Here is an explaination of the discrepency, mentioned in the article.
Quote:
Also, the time span of observation plays a role. For example, because hot spots mutate so frequently, over tens of thousands of years they can revert back to their original sequences, overwriting previous mutations at that site. As a result, the long-term mutation rate would underestimate how often hot spots mutate--and the average long-term mutation rate for the entire control region would be slower than that from near-term studies of families. "The easiest explanation is that these two rates are caused by hot spots," says Pääbo.

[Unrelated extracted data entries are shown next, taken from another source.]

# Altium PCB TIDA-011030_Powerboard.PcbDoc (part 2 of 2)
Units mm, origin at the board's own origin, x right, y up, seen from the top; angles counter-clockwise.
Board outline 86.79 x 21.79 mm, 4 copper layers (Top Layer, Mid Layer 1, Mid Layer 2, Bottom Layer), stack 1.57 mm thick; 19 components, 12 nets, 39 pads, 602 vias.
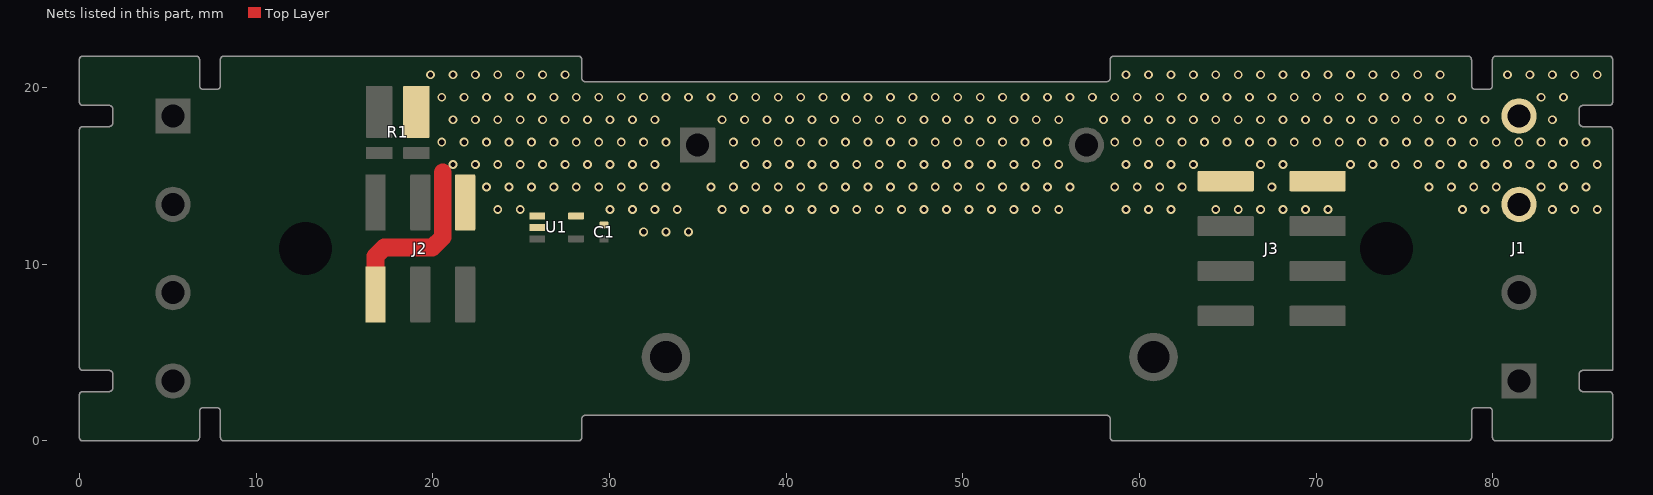
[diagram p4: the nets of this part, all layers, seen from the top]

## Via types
v1: diameter 0.5, hole 0.3, Top Layer to Bottom Layer, tented both sides, 602 vias

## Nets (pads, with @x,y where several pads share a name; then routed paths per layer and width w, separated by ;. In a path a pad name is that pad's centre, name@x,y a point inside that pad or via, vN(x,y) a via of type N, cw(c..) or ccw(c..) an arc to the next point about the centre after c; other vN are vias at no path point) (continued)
Neutral: C1.1 J1.3 J1.4 J2.1 J2.6 J3.1 J3.2 R1.3 U1.1 U1.2 U1.5 | length 10.1
  Top Layer w0.381: 16.76,10.46 16.803,10.503
  Top Layer w1: J2.1@16.76,8.293 16.76,10.46 ; 16.803,10.503 17.25,10.95 19.984,10.95 20.57,11.536 20.57,15.2
  other v1: 31.941,11.836 33.21,11.836 34.48,11.836 23.685,13.106 24.956,13.106 30.035,13.106 31.305,13.106 32.575,13.106 33.846,13.106 36.386,13.106 37.655,13.106 38.925,13.106 40.195,13.106 41.465,13.106 42.735,13.106 44.005,13.106 45.276,13.106 46.545,13.106 47.816,13.106 49.085,13.106 50.355,13.106 51.625,13.106 52.895,13.106 54.165,13.106 55.435,13.106 59.245,13.106 60.515,13.106 61.785,13.106 64.325,13.106 65.596,13.106 66.865,13.106 68.135,13.106 69.406,13.106 70.675,13.106 78.295,13.106 79.566,13.106 83.376,13.106 84.645,13.106 85.915,13.106 23.05,14.376 24.32,14.376 25.59,14.376 26.86,14.376 28.13,14.376 29.4,14.376 30.67,14.376 31.941,14.376 33.21,14.376 35.75,14.376 37.02,14.376 38.291,14.376 39.56,14.376 40.831,14.376 42.1,14.376 43.37,14.376 44.64,14.376 45.91,14.376 47.18,14.376 48.45,14.376 49.721,14.376 50.99,14.376 52.261,14.376 53.53,14.376 54.8,14.376 56.07,14.376 58.61,14.376 59.88,14.376 61.151,14.376 62.42,14.376 67.501,14.376 76.391,14.376 77.66,14.376 78.93,14.376 80.2,14.376 82.74,14.376 84.01,14.376 85.281,14.376 21.145,15.646 22.415,15.646 23.685,15.646 24.956,15.646 26.226,15.646 27.495,15.646 28.765,15.646 30.035,15.646 31.305,15.646 32.575,15.646 37.655,15.646 38.925,15.646 40.195,15.646 41.465,15.646 42.735,15.646 44.005,15.646 45.276,15.646 46.545,15.646 47.816,15.646 49.085,15.646 50.355,15.646 51.625,15.646 52.895,15.646 54.165,15.646 55.435,15.646 59.245,15.646 60.515,15.646 61.785,15.646 63.055,15.646 66.865,15.646 68.135,15.646 71.945,15.646 73.215,15.646 74.486,15.646 75.755,15.646 77.025,15.646 78.295,15.646 79.566,15.646 80.835,15.646 82.105,15.646 83.376,15.646 84.645,15.646 85.915,15.646 20.511,16.916 21.78,16.916 23.05,16.916 24.32,16.916 25.59,16.916 26.86,16.916 28.13,16.916 29.4,16.916 30.67,16.916 31.941,16.916 33.21,16.916 37.02,16.916 38.291,16.916 39.56,16.916 40.831,16.916 42.1,16.916 43.37,16.916 44.64,16.916 45.91,16.916 47.18,16.916 48.45,16.916 49.721,16.916 50.99,16.916 52.261,16.916 53.53,16.916 54.8,16.916 58.61,16.916 59.88,16.916 61.151,16.916 62.42,16.916 63.691,16.916 64.96,16.916 66.23,16.916 67.501,16.916 68.77,16.916 70.04,16.916 71.31,16.916 72.581,16.916 73.85,16.916 75.12,16.916 76.391,16.916 77.66,16.916 78.93,16.916 80.2,16.916 81.471,16.916 82.74,16.916 84.01,16.916 85.281,16.916 21.145,18.186 22.415,18.186 23.685,18.186 24.956,18.186 26.226,18.186 27.495,18.186 28.765,18.186 30.035,18.186 31.305,18.186 32.575,18.186 36.386,18.186 37.655,18.186 38.925,18.186 40.195,18.186 41.465,18.186 42.735,18.186 44.005,18.186 45.276,18.186 46.545,18.186 47.816,18.186 49.085,18.186 50.355,18.186 51.625,18.186 52.895,18.186 54.165,18.186 55.435,18.186 57.975,18.186 59.245,18.186 60.515,18.186 61.785,18.186 63.055,18.186 64.325,18.186 65.596,18.186 66.865,18.186 68.135,18.186 69.406,18.186 70.675,18.186 71.945,18.186 73.215,18.186 74.486,18.186 75.755,18.186 77.025,18.186 78.295,18.186 79.566,18.186 83.376,18.186 20.511,19.456 21.78,19.456 23.05,19.456 24.32,19.456 25.59,19.456 26.86,19.456 28.13,19.456 29.4,19.456 30.67,19.456 31.941,19.456 33.21,19.456 34.48,19.456 35.75,19.456 37.02,19.456 38.291,19.456 39.56,19.456 40.831,19.456 42.1,19.456 43.37,19.456 44.64,19.456 45.91,19.456 47.18,19.456 48.45,19.456 49.721,19.456 50.99,19.456 52.261,19.456 53.53,19.456 54.8,19.456 56.07,19.456 57.34,19.456 58.61,19.456 59.88,19.456 61.151,19.456 62.42,19.456 63.691,19.456 64.96,19.456 66.23,19.456 67.501,19.456 68.77,19.456 70.04,19.456 71.31,19.456 72.581,19.456 73.85,19.456 75.12,19.456 76.391,19.456 77.66,19.456 82.74,19.456 84.01,19.456 19.875,20.726 21.145,20.726 22.415,20.726 23.685,20.726 24.956,20.726 26.226,20.726 27.495,20.726 59.245,20.726 60.515,20.726 61.785,20.726 63.055,20.726 64.325,20.726 65.596,20.726 66.865,20.726 68.135,20.726 69.406,20.726 70.675,20.726 71.945,20.726 73.215,20.726 74.486,20.726 75.755,20.726 77.025,20.726 80.835,20.726 82.105,20.726 83.376,20.726 84.645,20.726 85.915,20.726
pads on no net: J3.5 J3.6

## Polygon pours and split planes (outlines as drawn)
NetJ4_3 on Top Layer "TOP_LAYER_NETJ4_3_P104" (solid, remove dead copper, pour order 104): 35.5,9.2 28.7,9.2 28.2,8.7 24.318,8.7 24.271,8.652 12.798,8.652 11.55,9.9 0.026,9.9 0,0 35.5,0
NetJ4_1 on Top Layer "TOP_LAYER_NETJ4_1_P116" (solid, remove dead copper, pour order 116): 16.022,16.575 16.016,13.666 15.745,13.395 12.554,13.395 12.554,11.971 12.625,11.9 9.991,11.9 -0.035,11.9 0.001,21.8 17.721,21.8 17.721,16.575
Neutral on Top Layer "TOP_LAYER_NEUTRAL_P112" (solid, remove dead copper, pour order 112): 20.069,15.9 20.069,15.055 20.3,14.4 20.3,11.9 21.84,11.9 23,11.9 31.3,11.9 31.9,11.3 61.6,11.3 63.7,13.4 74.1,13.4 75.6,11.9 86.764,11.9 86.8,21.7 86.7,21.8 18.331,21.8 18.331,15.9
Line on Top Layer "TOP_LAYER_LINE_P109" (solid, remove dead copper, pour order 109): 86.79,9.86 75.21,9.86 73.75,8.4 58.75,8.4 58.75,0 86.79,0
NetJ4_1 on Mid Layer 1 "MID_LAYER_1_NETJ4_1_P103" (solid, remove dead copper, pour order 103): 17.4,21.8 0.001,21.8 -0.02,11.901 9.992,11.901 17.02,11.901 17.4,12.281 17.4,19.4
Neutral on Mid Layer 1 "MID_LAYER_1_NEUTRAL_P113" (solid, remove dead copper, pour order 113): 18.554,11.921 19.12,11.355 73.555,11.355 74.066,11.866 74.934,11.866 86.754,11.866 86.754,21.905 86.654,22.005 18.554,22.005
Line on Mid Layer 1 "MID_LAYER_1_LINE_P111" (solid, remove dead copper, pour order 111): 74.775,9.85 73.8,8.875 58.75,8.875 58.75,0 86.79,0 86.79,6.3 86.79,9.85
NetJ4_3 on Mid Layer 1 "MID_LAYER_1_NETJ4_3_P107" (solid, remove dead copper, pour order 107): 35.5,9.35 14.751,9.35 12.9,9.35 12.342,9.908 -0.027,9.908 0.001,0 35.5,0
NetJ4_1 on Mid Layer 2 "MID_LAYER_2_NETJ4_1_P115" (solid, remove dead copper, pour order 115): 17.4,21.8 0.001,21.8 0,11.926 10.017,11.926 17.044,11.926 17.4,12.283 17.4,19.4
Neutral on Mid Layer 2 "MID_LAYER_2_NEUTRAL_P114" (solid, remove dead copper, pour order 114): 19.1,11.375 73.25,11.375 73.75,11.875 86.8,11.875 86.8,21.7 86.7,21.8 18.6,21.8 18.6,11.875
Line on Mid Layer 2 "MID_LAYER_2_LINE_P100" (solid, remove dead copper, pour order 100): 73.475,8.875 58.75,8.875 58.75,0 86.789,0 86.79,9.86 74.46,9.86
NetJ4_3 on Mid Layer 2 "MID_LAYER_2_NETJ4_3_P106" (solid, remove dead copper, pour order 106): 35.5,9.35 14.828,9.35 13.2,9.35 12.642,9.908 0,9.908 0,0 35.5,0
NetJ4_1 on Bottom Layer "BOTTOM_LAYER_NETJ4_1_P117" (solid, remove dead copper, pour order 117): 17.4,13.725 17.4,11.925 -0.001,11.925 0.001,15.4 0.001,21.8 17.4,21.8 17.4,19.4 17.4,14.9
Line on Bottom Layer "BOTTOM_LAYER_LINE_P110" (solid, remove dead copper, pour order 110): 70.809,8.875 58.75,8.875 58.75,0 86.789,0 86.789,9.9 75.1,9.9 74.075,8.875
Neutral on Bottom Layer "BOTTOM_LAYER_NEUTRAL_P102" (solid, remove dead copper, pour order 102): 19.1,11.375 73,11.375 73.5,11.875 78.235,11.875 86.764,11.875 86.8,21.7 86.7,21.8 18.6,21.8 18.6,11.875
NetJ4_3 on Bottom Layer "BOTTOM_LAYER_NETJ4_3_P105" (solid, remove dead copper, pour order 105): 35.5,9.35 16.511,9.35 12.64,9.35 12.086,9.905 0,9.905 0,0 35.5,0

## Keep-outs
Keep-Out Layer:
  text ".Layer_Name" at 14.656,-21.806 h1.52

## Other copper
Top Layer:
  text ".Layer_Name" at 14.656,-21.806 h1.52
Bottom Layer:
  text ".Layer_Name" at 14.656,-21.806 h1.52

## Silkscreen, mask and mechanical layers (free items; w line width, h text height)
Top Overlay:
  text "N" at 74.425,18.077 h0.76
  text "N" at 11.852,18.027 h0.76
  text "L" at 11.852,3.156 h0.76
  text "<<< Load <<<" at 15.577,3.156 h0.76
  text "<<< Input <<<" at 62.827,3.156 h0.76
  text "L" at 74.427,3.156 h0.76
  text "DANGER HIGH VOLTAGE" at 11.7,0.75 h1.52
  text "DANGER HIGH VOLTAGE" at 58.925,0.75 h1.52
  text ".Layer_Name" at 14.656,-21.806 h1.52
Bottom Overlay:
  text "DANGER HIGH VOLTAGE" at 24.3,17.225 h1.52
  text "DANGER HIGH VOLTAGE" at 78.225,17.075 h1.52
  text "TIDA-011030" at 51.665,16.252 h1.1
  text ".Layer_Name" at 14.656,-21.806 h1.52
Top Paste:
  text ".Layer_Name" at 14.656,-21.806 h1.52
Bottom Paste:
  text ".Layer_Name" at 14.656,-21.806 h1.52
Top Solder:
  text ".Layer_Name" at 14.656,-21.806 h1.52
  text ".Layer_Name" at 14.656,-21.806 h1.52
Bottom Solder:
  text ".Layer_Name" at 14.656,-21.806 h1.52
Drill Guide:
  text ".Layer_Name" at 14.656,-21.806 h1.52
M1 Board Outline:
  lines w0.2: 0,0.2 0,2.595 ; 0,2.594 cw(c0.2,2.594) 0.2,2.794 1.686,2.797 ccw(c1.686,2.997) 1.886,2.997 ; 0,4.195 0,17.595 ; 0,17.594 cw(c0.2,17.594) 0.2,17.794 ; 0,19.195 0,21.59 ; 0,21.589 cw(c0.2,21.589) 0.2,21.789 ; 0.001,0.2 ccw(c0.201,0.2) 0.201,0 ; 0.001,4.195 ccw(c0.201,4.195) 0.201,3.995 ; 0.001,19.195 ccw(c0.201,19.195) 0.201,18.995 ; 0.2,0 6.604,0.001 ccw(c6.604,0.201) 6.804,0.201 ; 0.2,3.995 1.686,3.995 cw(c1.686,3.795) 1.886,3.795 1.886,2.995 ; 0.2,17.795 1.686,17.797 ccw(c1.686,17.997) 1.886,17.997 ; 0.2,18.995 1.686,18.995 cw(c1.686,18.795) 1.886,18.795 1.886,17.995 ; 0.2,21.79 6.604,21.79 cw(c6.604,21.59) 6.804,21.59 6.804,20.104 ; 6.804,0.2 6.804,1.686 ; 6.804,1.685 cw(c7.004,1.685) 7.004,1.885 7.786,1.886 ; 6.805,20.104 ccw(c7.005,20.104) 7.005,19.904 ; 7.004,19.904 7.786,19.904 ; 7.785,1.886 cw(c7.785,1.686) 7.985,1.686 7.988,0.2 ccw(c8.188,0.2) 8.188,0 ; 7.786,19.905 ccw(c7.786,20.105) 7.986,20.105 ; 7.986,20.104 7.986,21.59 ; 7.986,21.589 cw(c8.186,21.589) 8.186,21.789 28.239,21.79 cw(c28.239,21.59) 28.439,21.59 28.439,20.54 ; 8.186,0 28.239,0 ccw(c28.239,0.2) 28.439,0.2 28.439,1.25 cw(c28.639,1.25) 28.639,1.45 58.151,1.45 ; 28.44,20.54 ccw(c28.64,20.54) 28.64,20.34 ; 28.639,20.34 58.151,20.34 ; 58.15,1.45 cw(c58.15,1.25) 58.35,1.25 58.353,0.2 ccw(c58.553,0.2) 58.553,0 ; 58.151,20.342 ccw(c58.151,20.542) 58.351,20.542 ; 58.351,20.54 58.351,21.59 ; 58.351,21.589 cw(c58.551,21.589) 58.551,21.789 78.595,21.79 ; 58.551,0 78.604,0 ccw(c78.604,0.2) 78.804,0.2 78.804,1.686 cw(c79.004,1.686) 79.004,1.886 79.787,1.886 cw(c79.787,1.686) 79.987,1.686 79.988,0.2 ccw(c80.188,0.2) 80.188,0 ; 78.594,21.79 cw(c78.594,21.59) 78.794,21.59 ; 78.804,20.104 78.804,21.59 ; 78.805,20.104 ccw(c79.005,20.104) 79.005,19.904 ; 79.004,19.904 79.786,19.904 ; 79.786,19.905 ccw(c79.786,20.105) 79.986,20.105 ; 79.986,20.104 79.986,21.59 ; 79.986,21.589 cw(c80.186,21.589) 80.186,21.789 ; 80.186,0 86.59,0.001 ccw(c86.59,0.201) 86.79,0.201 ; 80.186,21.79 86.59,21.79 ; 84.904,17.995 84.904,18.795 ; 84.904,18.794 cw(c85.104,18.794) 85.104,18.994 ; 84.905,17.995 ccw(c85.105,17.995) 85.105,17.795 ; 85.104,2.795 86.59,2.795 ; 85.104,17.795 86.59,17.795 ; 85.104,18.995 86.59,18.995 ; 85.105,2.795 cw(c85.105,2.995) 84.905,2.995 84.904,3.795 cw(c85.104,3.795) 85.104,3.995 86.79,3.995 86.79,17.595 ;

If so, these short-term rates need not perturb long-term studies. "It may be that the faster rate works on the short time scale and that you use the phylogenetic rate for long-term events," says Shoubridge.
[/b]
Nevertheless, The article is prime quote-mining material.

Quote:
Regardless of the cause, evolutionists are most concerned about the effect of a faster mutation rate. For example, researchers have calculated that "mitochondrial Eve"--the woman whose mtDNA was ancestral to that in all living people--lived 100,000 to 200,000 years ago in Africa. Using the new clock, she would be a mere 6000 years old.
However, it says immediatly after this.

Quote:
No one thinks that's the case (emphasis mine), but at what point should models switch from one mtDNA time zone to the other? "I'm worried that people who are looking at very recent events, such as the peopling of Europe, are ignoring this problem," says Laurent Excoffier, a population geneticist at the University of Geneva. Indeed, the mysterious and sudden expansion of modern humans into Europe and other parts of the globe, which other genetic evidence puts at about 40,000 years ago, may actually have happened 10,000 to 20,000 years ago--around the time of agriculture, says Excoffier. And mtDNA studies now date the peopling of the Americas at 34,000 years ago, even though the oldest noncontroversial archaeological sites are 12,500 years old. Recalibrating the mtDNA clock would narrow the difference (Science, 28 February 1997, p. 1256).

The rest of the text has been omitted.